Inequality problem involving QM-AM-GM-HM or Cauchy Schwarz inequality Question: Prove that if $x$, $y$, $z$ are positive real numbers then the following inequality holds: $$\frac{x+y}{x^2+y^2}+\frac{y+z}{y^2+z^2}+\frac{z+x}{z^2+x^2}\leq\frac{1}{x}+\frac{1}{y}+\frac{1}{z}.$$I tried thinking of applying QM-AM, but I didn't know what variables to use. I also thought that this could be related to Cauchy's inequality, but I wasn't sure, again, of what variables to use. Any help would be greatly appreciated, thanks!
 A: We want to show that:
$$\frac{x+y}{x^2+y^2}+\frac{y+z}{y^2+z^2}+\frac{z+x}{z^2+x^2}\leq\frac{1}{x}+\frac{1}{y}+\frac{1}{z}.$$
Note that, by the QM-AM Inequality:
$${\left(\frac{x+y}{2}\right)}^2 \leq \frac{x^2 + y^2}{2}.$$
Consequently:
$$\frac{x + y}{x^2 + y^2} \leq \frac{2}{x + y}.$$
Therefore, it remains to show that:
$$\frac{2}{x + y} + \frac{2}{y + z} + \frac{2}{x + z} \leq \frac{1}{x} + \frac{1}{y} + \frac{1}{z}.$$
By the AM-HM Inequality:
$$\frac{2}{\frac{1}{x} + \frac{1}{y}} \leq \frac{x + y}{2}.$$
Therefore:
$$\frac{2}{x + y} \leq \frac{\frac{1}{x} + \frac{1}{y}}{2}$$
Similarly:
$$\frac{2}{y + z} \leq \frac{\frac{1}{y} + \frac{1}{z}}{2},$$
and
$$\frac{2}{x + z} \leq \frac{\frac{1}{x} + \frac{1}{z}}{2}.$$
QED.
A: after some algebra we get
$y^3(x-z)(x^4-z^4)+z^3(x-y)(x^4-y^4)+x^3(y-z)(y^4-z^4)\geq 0$
which is true.This have i got by canceling the denominators and simplifying the given terms and moving all to the left side.
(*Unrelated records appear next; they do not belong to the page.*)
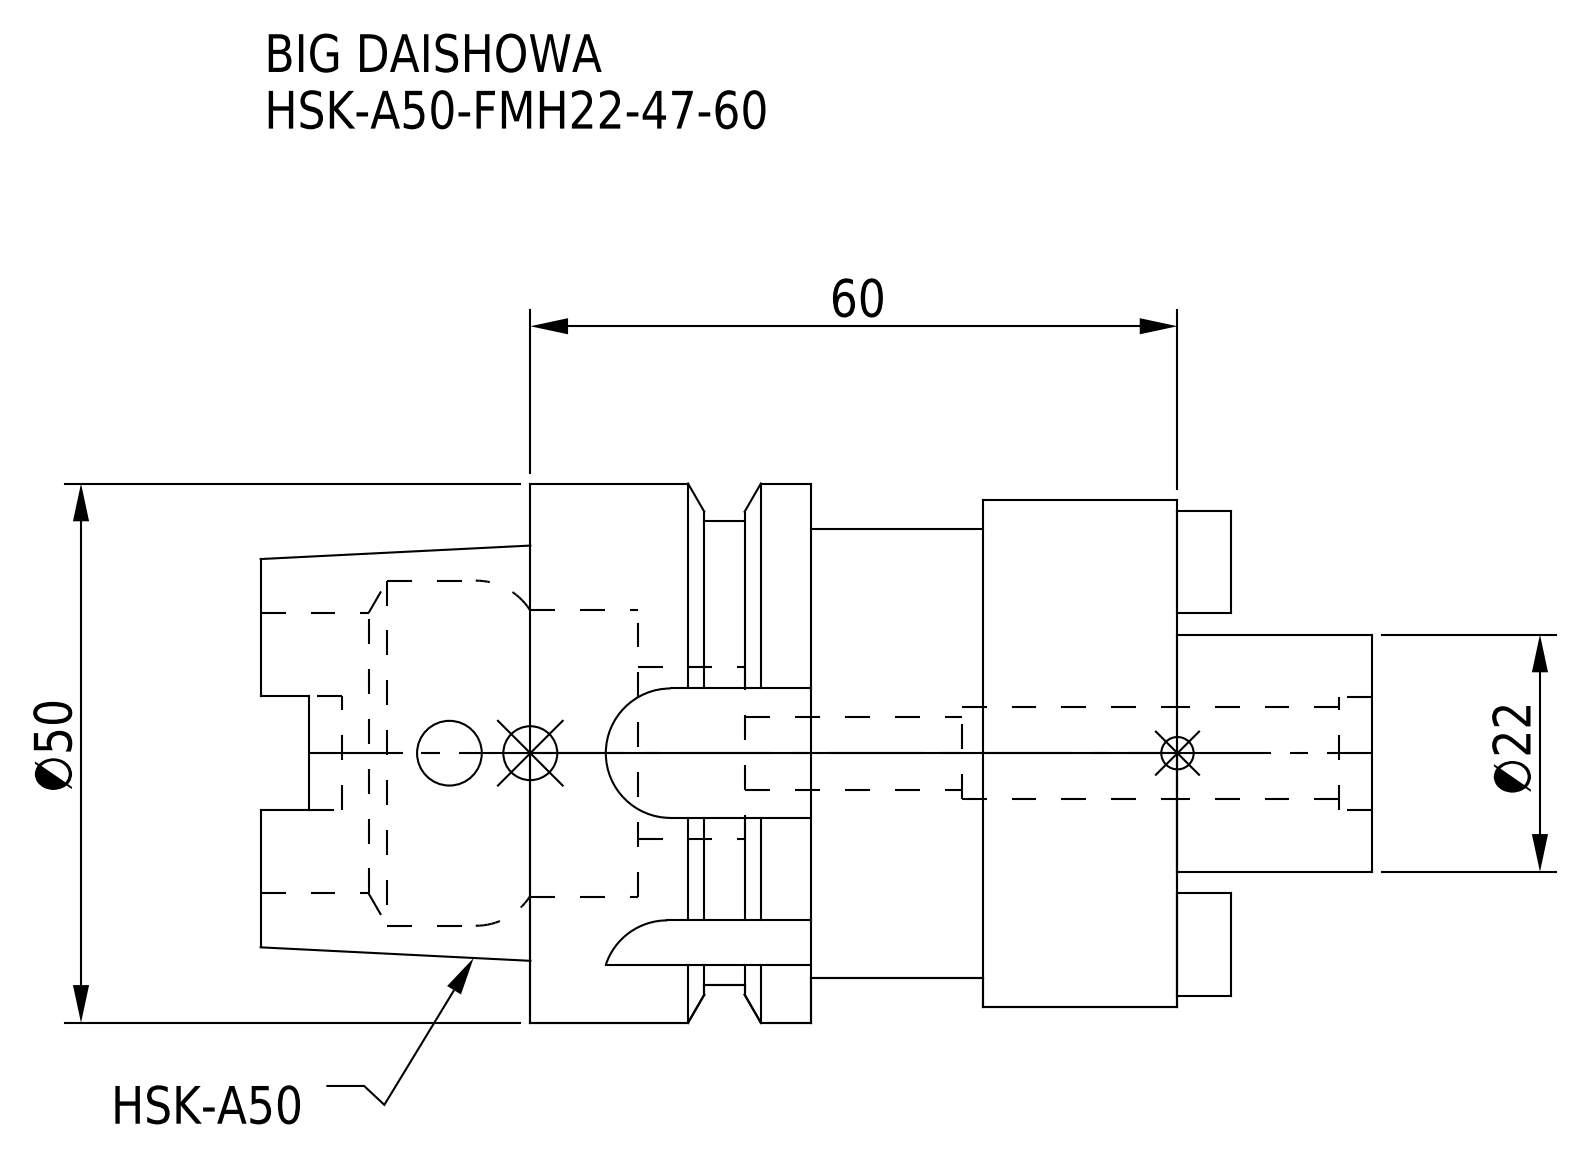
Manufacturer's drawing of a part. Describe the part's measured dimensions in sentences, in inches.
The part is named "HSK-A50-FMH22-47-60". Its 3-D file was written by "CREO PARAMETRIC BY PTC INC, 2016380 (AUTOMOTIVE_DESIGN)". It is 1 solid with 107 faces: 50 planar, 43 cylindrical and 14 other. Overall it measures 4.055 by 1.969 by 1.969 inches. Its volume is 6.531 cubic inches and its surface area 36.59 square inches. Round holes: 1 of diameter 0.236, 1 of diameter 0.268, 1 of diameter 0.335, 1 of diameter 0.413, 1 of diameter 0.63, 1 of diameter 1.024, 1 of diameter 1.047, 1 of diameter 1.26. Round bosses or shafts: 1 of diameter 1.969, 1 of diameter 1.85, 1 of diameter 1.693, 1 of diameter 1.638, 1 of diameter 0.866. Partial cylindrical surfaces (rounded edges, fillets, slot ends): 4 of radius 0.094, 4 of radius 0.236. The main face-to-face distances are 2.362, 1.024, 0.709, 1.654, 0.63, 1.339, 1.97, 1.262, 0.632, 0.392.
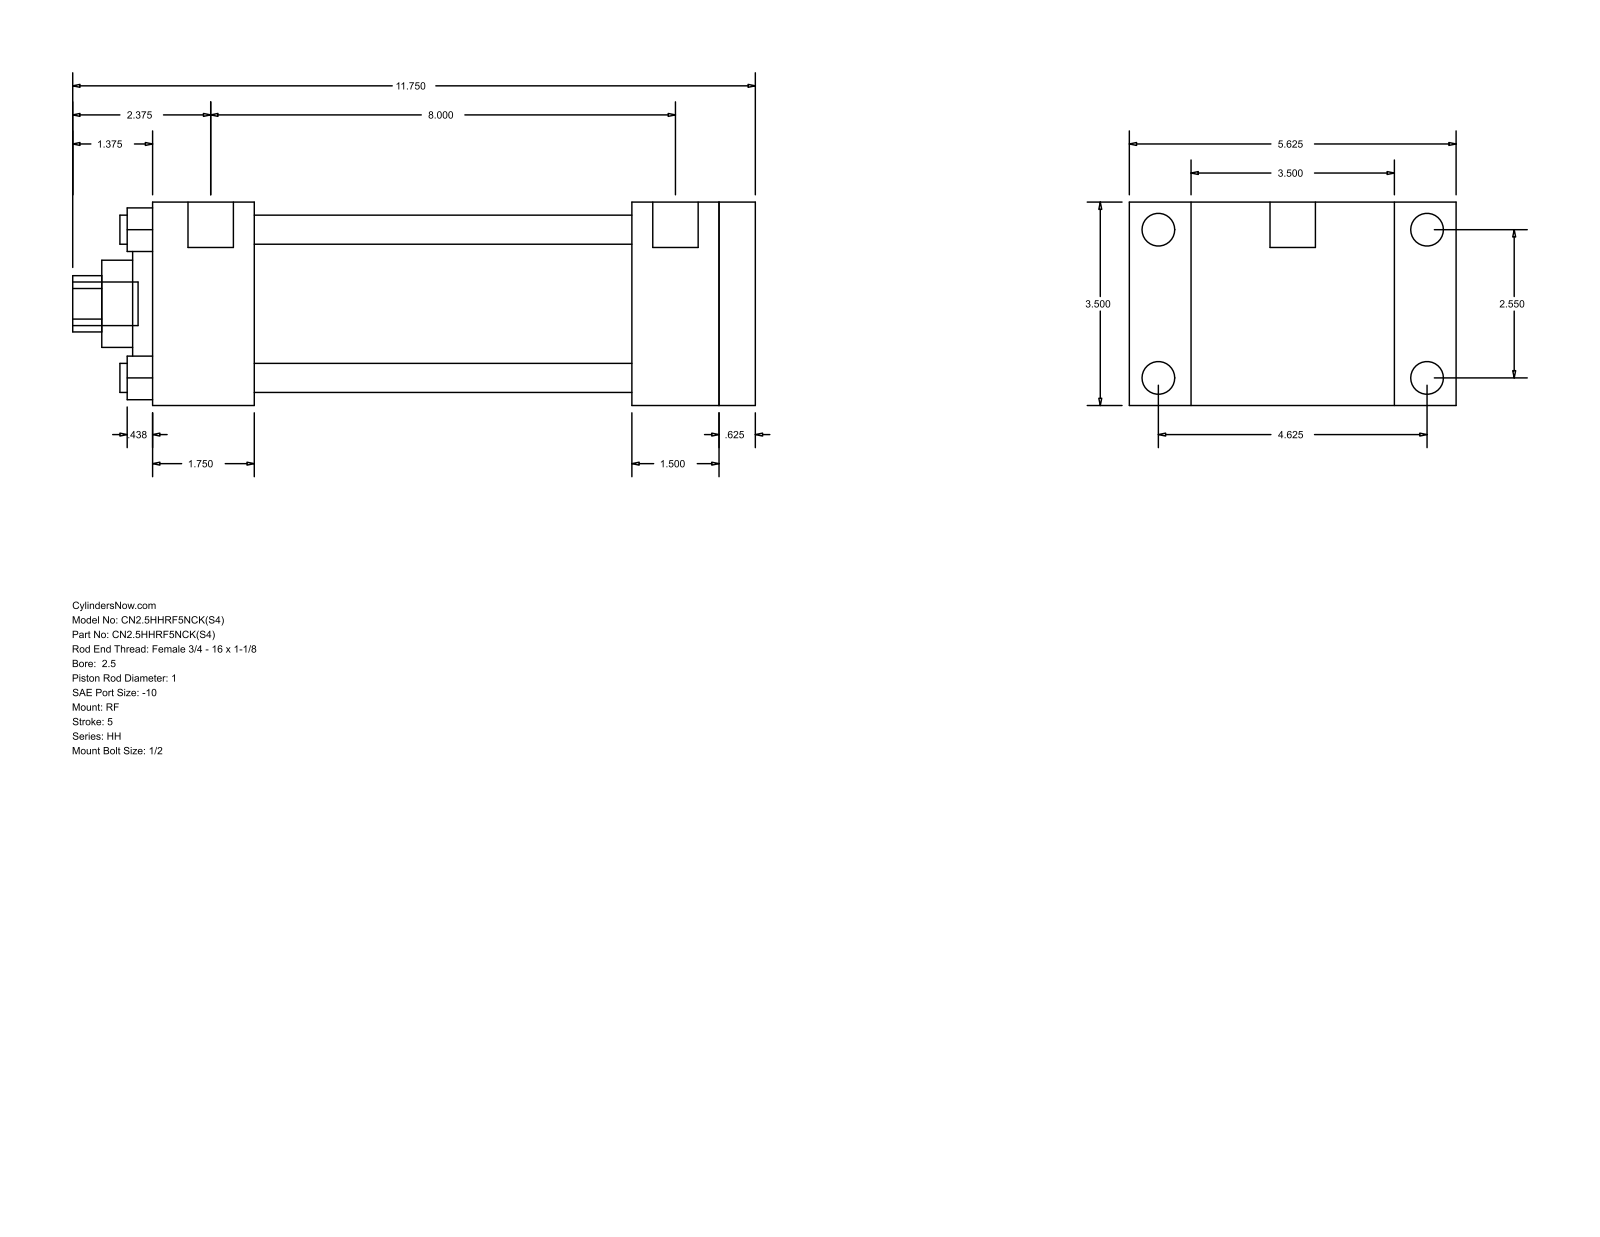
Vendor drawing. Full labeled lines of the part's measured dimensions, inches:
Part name (STEP PRODUCT): HH_RF__0250_1
STEP written by: GSSL Pune (CONFIG_CONTROL_DESIGN)
Units: inches
Bodies: 0 solids, 94 faces (65 planar, 29 cylindrical, 0 other)
Overall size (bounding box): 11.75 × 5.625 × 3.5
Round holes (diameter × count): ⌀0.5 ×4, ⌀1 ×1, ⌀1.5 ×1, ⌀2.375 ×1, ⌀2.875 ×1
Round bosses / shafts (diameter × count): ⌀0.563 ×4, ⌀0.219 ×4, ⌀0.781 ×2, ⌀0.75 ×1
Partial cylindrical surfaces — rounded edges, fillets, slot ends (radius × count): R0.484 ×1
Main face-to-face distances: 3.5, 0.625, 9.75, 10.375, 1.75, 8, 8.625, 8.25, 6.5, 1.5
Hole centre spacings: 1.803, 2.55, 3.606

A: It's true that $(x+y)^2\le2(x^2+y^2)$ and it can be seen as a consequence of CS, so
$$\frac{x+y}{x^2+y^2}+\frac{y+z}{y^2+z^2}+\frac{z+x}{z^2+x^2}\le\frac2{x+y}+\frac2{y+z}+\frac2{z+x}.$$
Additionally from $(x+y)^2\ge4xy$ it can be deduced that
$$\frac2{x+y}\le\frac1{2x}+\frac1{2y},$$
hence the inequality follows easily.